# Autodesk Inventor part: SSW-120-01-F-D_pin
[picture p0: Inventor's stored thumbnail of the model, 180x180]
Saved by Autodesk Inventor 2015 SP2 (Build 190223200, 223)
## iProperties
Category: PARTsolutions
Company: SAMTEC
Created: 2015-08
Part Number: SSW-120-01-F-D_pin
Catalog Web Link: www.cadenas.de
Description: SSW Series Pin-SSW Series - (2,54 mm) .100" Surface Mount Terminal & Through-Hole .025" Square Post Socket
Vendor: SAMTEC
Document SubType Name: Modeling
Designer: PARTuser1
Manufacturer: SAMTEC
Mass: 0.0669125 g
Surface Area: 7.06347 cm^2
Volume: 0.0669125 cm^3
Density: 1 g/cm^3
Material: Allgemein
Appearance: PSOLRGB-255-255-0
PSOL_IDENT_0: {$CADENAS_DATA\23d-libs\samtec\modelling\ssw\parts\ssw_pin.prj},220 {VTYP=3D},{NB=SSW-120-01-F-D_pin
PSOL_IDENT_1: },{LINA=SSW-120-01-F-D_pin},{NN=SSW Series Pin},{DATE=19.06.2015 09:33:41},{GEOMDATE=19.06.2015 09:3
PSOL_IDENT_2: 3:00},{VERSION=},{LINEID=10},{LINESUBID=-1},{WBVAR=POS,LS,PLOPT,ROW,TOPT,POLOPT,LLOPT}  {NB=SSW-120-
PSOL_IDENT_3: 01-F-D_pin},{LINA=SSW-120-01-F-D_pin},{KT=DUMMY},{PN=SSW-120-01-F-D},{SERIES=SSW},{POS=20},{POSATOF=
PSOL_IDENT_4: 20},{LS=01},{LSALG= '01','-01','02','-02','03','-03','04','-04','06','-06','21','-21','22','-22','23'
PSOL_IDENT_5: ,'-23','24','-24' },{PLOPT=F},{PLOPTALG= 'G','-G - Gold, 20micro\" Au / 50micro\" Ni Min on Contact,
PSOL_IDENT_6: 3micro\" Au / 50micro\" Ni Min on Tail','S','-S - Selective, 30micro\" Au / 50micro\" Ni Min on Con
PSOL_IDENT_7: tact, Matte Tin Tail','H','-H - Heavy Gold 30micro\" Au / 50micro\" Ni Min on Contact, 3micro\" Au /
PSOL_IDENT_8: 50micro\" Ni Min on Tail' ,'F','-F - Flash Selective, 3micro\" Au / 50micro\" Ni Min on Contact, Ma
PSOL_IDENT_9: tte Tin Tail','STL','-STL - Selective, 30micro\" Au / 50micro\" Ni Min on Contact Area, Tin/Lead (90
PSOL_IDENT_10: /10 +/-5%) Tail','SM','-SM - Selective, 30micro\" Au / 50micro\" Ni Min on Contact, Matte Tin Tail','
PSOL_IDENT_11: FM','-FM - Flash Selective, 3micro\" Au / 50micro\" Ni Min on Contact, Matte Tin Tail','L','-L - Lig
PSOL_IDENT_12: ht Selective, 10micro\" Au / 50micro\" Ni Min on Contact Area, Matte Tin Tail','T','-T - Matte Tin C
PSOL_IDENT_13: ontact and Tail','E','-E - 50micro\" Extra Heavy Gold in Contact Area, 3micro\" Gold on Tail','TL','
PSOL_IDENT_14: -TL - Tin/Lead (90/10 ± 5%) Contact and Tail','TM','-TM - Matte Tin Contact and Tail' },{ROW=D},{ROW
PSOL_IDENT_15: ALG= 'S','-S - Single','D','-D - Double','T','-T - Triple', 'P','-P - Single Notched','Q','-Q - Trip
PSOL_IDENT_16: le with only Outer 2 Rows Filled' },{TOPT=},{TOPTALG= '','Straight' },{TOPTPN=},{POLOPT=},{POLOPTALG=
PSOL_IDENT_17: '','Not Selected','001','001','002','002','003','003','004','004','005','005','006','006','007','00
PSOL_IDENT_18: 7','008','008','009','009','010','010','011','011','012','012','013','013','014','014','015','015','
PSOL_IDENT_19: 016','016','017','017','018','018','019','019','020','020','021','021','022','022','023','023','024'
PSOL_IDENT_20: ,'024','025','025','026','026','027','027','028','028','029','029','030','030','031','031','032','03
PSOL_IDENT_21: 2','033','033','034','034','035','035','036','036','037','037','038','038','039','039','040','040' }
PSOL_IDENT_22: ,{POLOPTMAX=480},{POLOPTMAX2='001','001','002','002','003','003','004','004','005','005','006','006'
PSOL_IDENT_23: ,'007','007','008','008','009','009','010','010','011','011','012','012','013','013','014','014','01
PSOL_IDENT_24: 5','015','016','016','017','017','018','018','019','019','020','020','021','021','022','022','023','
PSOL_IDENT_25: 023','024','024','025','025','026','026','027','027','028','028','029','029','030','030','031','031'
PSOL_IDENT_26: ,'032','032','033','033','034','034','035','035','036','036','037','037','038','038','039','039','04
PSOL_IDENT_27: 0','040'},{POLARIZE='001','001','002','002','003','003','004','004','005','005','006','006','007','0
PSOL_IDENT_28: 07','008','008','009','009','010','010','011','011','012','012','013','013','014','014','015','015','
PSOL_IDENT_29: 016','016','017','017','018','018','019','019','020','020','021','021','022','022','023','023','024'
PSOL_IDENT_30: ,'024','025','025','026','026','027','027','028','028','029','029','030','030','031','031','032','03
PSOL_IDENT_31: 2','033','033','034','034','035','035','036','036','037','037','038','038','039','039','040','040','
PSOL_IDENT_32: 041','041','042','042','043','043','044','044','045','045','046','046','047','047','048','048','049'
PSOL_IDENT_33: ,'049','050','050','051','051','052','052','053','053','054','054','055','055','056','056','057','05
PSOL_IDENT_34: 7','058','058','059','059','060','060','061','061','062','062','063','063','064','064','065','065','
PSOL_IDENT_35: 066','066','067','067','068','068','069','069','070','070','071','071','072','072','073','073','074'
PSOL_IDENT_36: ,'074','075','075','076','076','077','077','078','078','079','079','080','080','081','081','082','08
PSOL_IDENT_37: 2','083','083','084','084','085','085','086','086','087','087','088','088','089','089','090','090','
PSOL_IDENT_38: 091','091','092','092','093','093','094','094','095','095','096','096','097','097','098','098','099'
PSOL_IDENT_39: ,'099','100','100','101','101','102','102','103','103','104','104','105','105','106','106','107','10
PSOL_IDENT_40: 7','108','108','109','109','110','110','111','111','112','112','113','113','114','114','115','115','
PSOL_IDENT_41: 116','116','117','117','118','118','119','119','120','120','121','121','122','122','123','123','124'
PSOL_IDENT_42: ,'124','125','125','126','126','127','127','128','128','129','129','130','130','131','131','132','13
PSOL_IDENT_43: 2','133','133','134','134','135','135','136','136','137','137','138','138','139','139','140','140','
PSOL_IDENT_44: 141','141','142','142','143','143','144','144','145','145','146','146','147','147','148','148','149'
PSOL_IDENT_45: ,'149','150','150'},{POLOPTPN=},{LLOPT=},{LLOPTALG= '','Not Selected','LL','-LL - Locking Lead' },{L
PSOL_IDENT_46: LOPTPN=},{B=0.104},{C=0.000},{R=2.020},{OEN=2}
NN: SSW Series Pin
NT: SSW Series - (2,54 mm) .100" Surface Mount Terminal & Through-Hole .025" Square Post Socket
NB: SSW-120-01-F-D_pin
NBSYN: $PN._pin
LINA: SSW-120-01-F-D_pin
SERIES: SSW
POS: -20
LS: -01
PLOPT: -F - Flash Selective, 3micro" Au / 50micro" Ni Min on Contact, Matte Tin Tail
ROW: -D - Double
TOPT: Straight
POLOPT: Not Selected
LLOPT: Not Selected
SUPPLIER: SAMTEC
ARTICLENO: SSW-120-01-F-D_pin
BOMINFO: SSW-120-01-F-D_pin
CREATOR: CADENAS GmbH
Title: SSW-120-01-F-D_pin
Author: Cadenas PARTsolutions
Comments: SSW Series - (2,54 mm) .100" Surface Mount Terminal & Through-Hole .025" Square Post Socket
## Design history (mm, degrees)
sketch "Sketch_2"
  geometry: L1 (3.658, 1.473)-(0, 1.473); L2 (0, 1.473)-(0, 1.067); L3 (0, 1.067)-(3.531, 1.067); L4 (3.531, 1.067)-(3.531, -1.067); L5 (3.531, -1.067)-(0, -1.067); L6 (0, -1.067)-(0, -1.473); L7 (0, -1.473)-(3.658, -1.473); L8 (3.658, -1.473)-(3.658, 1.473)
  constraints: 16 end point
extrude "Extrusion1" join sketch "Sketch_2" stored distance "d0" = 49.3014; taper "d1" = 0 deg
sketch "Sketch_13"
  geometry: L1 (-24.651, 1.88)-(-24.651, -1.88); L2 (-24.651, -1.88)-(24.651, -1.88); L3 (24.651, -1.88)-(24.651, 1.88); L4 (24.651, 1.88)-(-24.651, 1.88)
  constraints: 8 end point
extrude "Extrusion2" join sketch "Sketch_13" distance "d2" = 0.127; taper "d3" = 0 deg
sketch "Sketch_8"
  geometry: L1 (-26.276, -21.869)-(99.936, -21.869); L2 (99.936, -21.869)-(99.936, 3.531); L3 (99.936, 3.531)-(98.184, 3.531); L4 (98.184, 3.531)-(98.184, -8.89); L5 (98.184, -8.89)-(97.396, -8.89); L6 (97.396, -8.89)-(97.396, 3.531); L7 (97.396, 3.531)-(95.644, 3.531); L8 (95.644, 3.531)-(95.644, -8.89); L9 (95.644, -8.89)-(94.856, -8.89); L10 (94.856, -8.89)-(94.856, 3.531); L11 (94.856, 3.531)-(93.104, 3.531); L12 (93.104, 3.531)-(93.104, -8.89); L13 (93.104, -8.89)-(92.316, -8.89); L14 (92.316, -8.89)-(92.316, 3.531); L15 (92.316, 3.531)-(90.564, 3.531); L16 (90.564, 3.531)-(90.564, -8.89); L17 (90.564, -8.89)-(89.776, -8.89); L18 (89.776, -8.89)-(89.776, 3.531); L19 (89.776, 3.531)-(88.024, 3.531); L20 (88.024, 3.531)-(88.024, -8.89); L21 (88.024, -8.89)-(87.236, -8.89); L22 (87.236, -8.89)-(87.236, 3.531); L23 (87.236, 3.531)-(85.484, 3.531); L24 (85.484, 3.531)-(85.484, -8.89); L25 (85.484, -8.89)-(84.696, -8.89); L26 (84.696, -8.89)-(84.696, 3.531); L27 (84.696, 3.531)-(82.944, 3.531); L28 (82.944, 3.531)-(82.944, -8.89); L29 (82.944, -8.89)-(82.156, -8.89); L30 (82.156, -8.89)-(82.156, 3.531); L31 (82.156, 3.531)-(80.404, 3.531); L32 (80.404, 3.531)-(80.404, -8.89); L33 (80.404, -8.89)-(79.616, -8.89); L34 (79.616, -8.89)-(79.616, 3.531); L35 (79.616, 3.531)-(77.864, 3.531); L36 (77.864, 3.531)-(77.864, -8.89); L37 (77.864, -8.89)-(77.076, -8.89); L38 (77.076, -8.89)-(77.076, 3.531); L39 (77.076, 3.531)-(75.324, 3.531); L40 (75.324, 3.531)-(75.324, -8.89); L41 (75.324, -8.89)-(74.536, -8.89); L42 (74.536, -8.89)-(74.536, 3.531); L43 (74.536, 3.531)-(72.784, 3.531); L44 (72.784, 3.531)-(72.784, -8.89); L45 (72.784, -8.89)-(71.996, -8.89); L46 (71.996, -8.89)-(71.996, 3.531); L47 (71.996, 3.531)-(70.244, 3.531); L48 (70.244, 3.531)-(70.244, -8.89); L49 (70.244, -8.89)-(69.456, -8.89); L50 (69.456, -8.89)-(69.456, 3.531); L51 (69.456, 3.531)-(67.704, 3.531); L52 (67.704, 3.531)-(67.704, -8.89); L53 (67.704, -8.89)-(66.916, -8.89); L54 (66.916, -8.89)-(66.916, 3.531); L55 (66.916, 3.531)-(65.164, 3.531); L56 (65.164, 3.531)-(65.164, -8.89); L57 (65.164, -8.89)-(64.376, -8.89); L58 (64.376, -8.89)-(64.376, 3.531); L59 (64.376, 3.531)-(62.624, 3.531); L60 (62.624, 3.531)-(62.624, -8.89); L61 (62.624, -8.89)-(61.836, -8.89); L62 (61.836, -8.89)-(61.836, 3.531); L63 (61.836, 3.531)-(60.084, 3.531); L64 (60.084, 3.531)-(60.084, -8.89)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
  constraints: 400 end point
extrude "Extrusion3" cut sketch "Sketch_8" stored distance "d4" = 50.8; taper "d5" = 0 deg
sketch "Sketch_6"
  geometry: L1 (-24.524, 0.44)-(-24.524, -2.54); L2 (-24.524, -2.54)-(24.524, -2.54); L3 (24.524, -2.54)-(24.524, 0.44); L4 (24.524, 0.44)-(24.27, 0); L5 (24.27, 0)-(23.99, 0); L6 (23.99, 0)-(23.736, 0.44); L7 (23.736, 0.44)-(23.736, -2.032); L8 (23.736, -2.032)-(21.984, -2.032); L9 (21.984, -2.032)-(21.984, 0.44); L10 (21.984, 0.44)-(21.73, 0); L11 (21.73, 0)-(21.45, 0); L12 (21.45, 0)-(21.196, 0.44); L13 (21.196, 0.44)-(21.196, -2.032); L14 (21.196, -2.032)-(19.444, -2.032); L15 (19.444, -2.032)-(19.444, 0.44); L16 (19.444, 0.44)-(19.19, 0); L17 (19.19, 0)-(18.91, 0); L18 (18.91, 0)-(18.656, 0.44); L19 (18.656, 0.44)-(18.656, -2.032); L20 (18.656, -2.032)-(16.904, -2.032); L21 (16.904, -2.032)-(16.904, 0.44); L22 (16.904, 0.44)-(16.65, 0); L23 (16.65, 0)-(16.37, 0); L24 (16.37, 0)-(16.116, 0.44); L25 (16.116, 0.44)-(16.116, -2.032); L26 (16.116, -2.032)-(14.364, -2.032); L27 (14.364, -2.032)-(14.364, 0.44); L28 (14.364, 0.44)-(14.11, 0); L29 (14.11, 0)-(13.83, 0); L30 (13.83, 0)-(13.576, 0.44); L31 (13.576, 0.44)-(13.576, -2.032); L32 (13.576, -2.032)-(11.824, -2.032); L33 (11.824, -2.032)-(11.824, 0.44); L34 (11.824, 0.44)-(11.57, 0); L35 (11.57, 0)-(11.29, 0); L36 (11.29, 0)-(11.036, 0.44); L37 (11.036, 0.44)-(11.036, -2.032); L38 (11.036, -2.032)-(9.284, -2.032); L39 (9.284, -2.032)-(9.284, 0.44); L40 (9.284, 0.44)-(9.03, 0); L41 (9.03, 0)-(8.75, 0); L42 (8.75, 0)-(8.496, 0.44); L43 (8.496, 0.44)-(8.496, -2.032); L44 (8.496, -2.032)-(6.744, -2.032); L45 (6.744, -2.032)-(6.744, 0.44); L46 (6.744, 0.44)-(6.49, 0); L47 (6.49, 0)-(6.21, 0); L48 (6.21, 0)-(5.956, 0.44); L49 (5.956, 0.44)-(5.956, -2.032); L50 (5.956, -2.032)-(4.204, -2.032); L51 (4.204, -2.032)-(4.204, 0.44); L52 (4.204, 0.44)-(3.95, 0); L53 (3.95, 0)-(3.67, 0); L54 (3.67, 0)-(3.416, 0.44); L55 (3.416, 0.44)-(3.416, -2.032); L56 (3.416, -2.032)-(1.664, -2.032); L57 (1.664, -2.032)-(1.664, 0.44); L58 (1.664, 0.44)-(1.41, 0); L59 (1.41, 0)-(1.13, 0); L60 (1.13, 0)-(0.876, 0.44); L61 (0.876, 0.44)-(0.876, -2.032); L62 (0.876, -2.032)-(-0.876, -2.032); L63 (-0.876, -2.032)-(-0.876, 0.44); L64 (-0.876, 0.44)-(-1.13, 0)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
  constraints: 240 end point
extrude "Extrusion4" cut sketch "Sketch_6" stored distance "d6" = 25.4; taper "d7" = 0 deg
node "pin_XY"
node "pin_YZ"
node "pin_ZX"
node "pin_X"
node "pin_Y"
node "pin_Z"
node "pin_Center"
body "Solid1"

Exercise prompt> Using the records above, restate word for word the lines from the one with "Volume: 0.0669125 cm^3" through the one with "PSOL_IDENT_10: /10 +/-5%)", both included.

Solved exercise>
Volume: 0.0669125 cm^3
Density: 1 g/cm^3
Material: Allgemein
Appearance: PSOLRGB-255-255-0
PSOL_IDENT_0: {$CADENAS_DATA\23d-libs\samtec\modelling\ssw\parts\ssw_pin.prj},220 {VTYP=3D},{NB=SSW-120-01-F-D_pin
PSOL_IDENT_1: },{LINA=SSW-120-01-F-D_pin},{NN=SSW Series Pin},{DATE=19.06.2015 09:33:41},{GEOMDATE=19.06.2015 09:3
PSOL_IDENT_2: 3:00},{VERSION=},{LINEID=10},{LINESUBID=-1},{WBVAR=POS,LS,PLOPT,ROW,TOPT,POLOPT,LLOPT}  {NB=SSW-120-
PSOL_IDENT_3: 01-F-D_pin},{LINA=SSW-120-01-F-D_pin},{KT=DUMMY},{PN=SSW-120-01-F-D},{SERIES=SSW},{POS=20},{POSATOF=
PSOL_IDENT_4: 20},{LS=01},{LSALG= '01','-01','02','-02','03','-03','04','-04','06','-06','21','-21','22','-22','23'
PSOL_IDENT_5: ,'-23','24','-24' },{PLOPT=F},{PLOPTALG= 'G','-G - Gold, 20micro\" Au / 50micro\" Ni Min on Contact,
PSOL_IDENT_6: 3micro\" Au / 50micro\" Ni Min on Tail','S','-S - Selective, 30micro\" Au / 50micro\" Ni Min on Con
PSOL_IDENT_7: tact, Matte Tin Tail','H','-H - Heavy Gold 30micro\" Au / 50micro\" Ni Min on Contact, 3micro\" Au /
PSOL_IDENT_8: 50micro\" Ni Min on Tail' ,'F','-F - Flash Selective, 3micro\" Au / 50micro\" Ni Min on Contact, Ma
PSOL_IDENT_9: tte Tin Tail','STL','-STL - Selective, 30micro\" Au / 50micro\" Ni Min on Contact Area, Tin/Lead (90
PSOL_IDENT_10: /10 +/-5%) Tail','SM','-SM - Selective, 30micro\" Au / 50micro\" Ni Min on Contact, Matte Tin Tail','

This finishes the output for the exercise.